# Chicago CBS OTA signal on the 921



## gbez (Jan 30, 2004)

I was wondering if anyone had trouble getting the Chicago CBS OTA signal on the 921. I had a terk antenna mounted on my dish at the time of installation. I get all other channels, but can't get a consistent signal for cbs. i live in the lagrange area about 15 miles from the city. 

any suggestions? I can't exactly go up on the roof and move my satellite around (with antenna attached).

Hate to miss the superbowl and march madness in HD!!!!


----------



## Slordak (Dec 17, 2003)

I have the same problem; simply cannot receive the Chicago CBS signal at all, despite being able to receive all of the other Chicago locals. WBBM was never very good in terms of analog reception (Ch 2) and its even worse for digital (Ch 3). Since all of the other DTV channels are on UHF, but CBS is on VHF (and at reduced power), this seems to be the chief source of the issue.

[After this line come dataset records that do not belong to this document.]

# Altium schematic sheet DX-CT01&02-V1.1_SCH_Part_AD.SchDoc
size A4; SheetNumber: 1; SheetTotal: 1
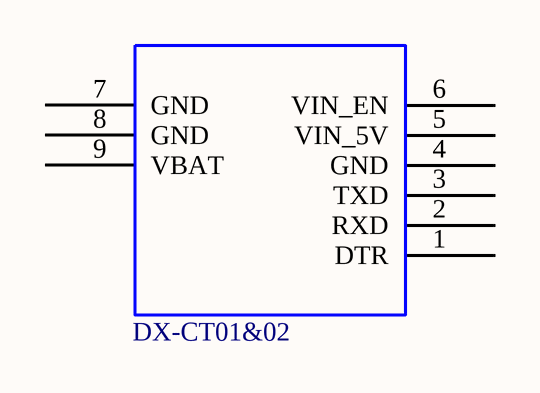
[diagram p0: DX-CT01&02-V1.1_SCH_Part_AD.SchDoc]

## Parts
DX-CT01&02  *  (value not drawn)

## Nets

Not connected (* = marked no-connect by the designer): DX-CT01&02 1(DTR) 2(RXD) 3(TXD) 4(GND) 5(VIN_5V) 6(VIN_EN) 7(GND) 8(GND) 9(VBAT)
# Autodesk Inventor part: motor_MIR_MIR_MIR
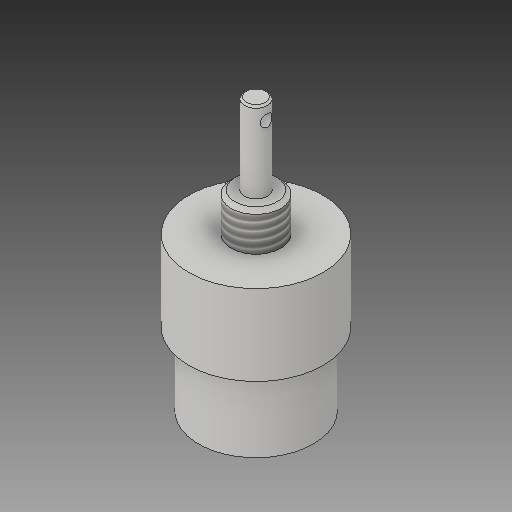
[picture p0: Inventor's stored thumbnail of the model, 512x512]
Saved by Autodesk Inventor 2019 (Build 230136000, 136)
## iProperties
Created: 2019-10
Part Number: motor_MIR_MIR_MIR
Material: Generic
Document SubType Name: Modeling
Designer: PRADYUMNA
Density: 1 g/cm^3
Appearance: Default
Author: Asus
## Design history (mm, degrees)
derived "motor_MIR_MIR.ipt"
  sketch "Sketch1"
    geometry: C1 r 6.5 at (0, 0) reference; 1 further point
  sketch "Sketch2"
    geometry: 1 further point
  sketch "Sketch3"
    geometry: C1 r 17.5 at (0, 0) reference; 1 further point
  sketch "Sketch4"
    geometry: C1 r 15 at (0, 0) reference; 1 further point
  sketch "Sketch5"
    geometry: C1 r 3 at (0, 0) reference; 1 further point
  sketch "Sketch6"
    geometry: C1 r 1.55 at (-27.143, 0) reference; 1 further point
  sketch "Sketch7"
    geometry: L1 (-12.192, 2.12)-(-11.485, 2.12) reference; L2 (-11.485, 2.12)-(-11.485, -2.356) reference; L3 (-11.485, -2.356)-(-12.192, -2.356) reference; L4 (-12.192, -2.356)-(-12.192, 2.12) reference; L5 (11.603, 2.12)-(12.546, 2.12) reference; L6 (12.546, 2.12)-(12.546, -2.356) reference; L7 (12.546, -2.356)-(11.603, -2.356) reference; L8 (11.603, -2.356)-(11.603, 2.12) reference; 1 further point
feature "Solid1::motor_MIR_MIR.ipt"
tag "TaggingFeature1"
body "Solid1"

Some people have recommended a large dedicated antenna just for channel 3, simply to receive CBS HD OTA, and then joining that signal with one from a smaller UHF antenna used to pick up the rest of the channels. Any such antenna (for VHF channel 3) is going to be quite large, though; not something to be attached to a satellite.

There is a ray of hope, though. If you are only within the coverage area of WBBM from Chicago, and are not within range of a CBS affiliate from another city (such as Milwaukee or Freeport), then you can get CBS-HD from Dish Network, since Chicago is an O&O CBS area.


----------



## greggg (Dec 3, 2003)

I live in Tinley and this is the main reason I went with Comcast HD for the locals. Channel 2 reception has always been horendous and is the main reason we went cable years ago. We also have an issue with a TV station out of Indiana that has a tower a few blocks away. It intereferes badly with a roof antenna. So I have E* for everything and Comcast for HD locals and it is working well. Comcast HD for locals cost about $17.00 a month, which includes a good Motorola HD receiver. Not bad considering I get basic for that and can use it when the satellite goes out, although it's not that often. The wife factor is taken care of too by not having a separate off air antenna.


----------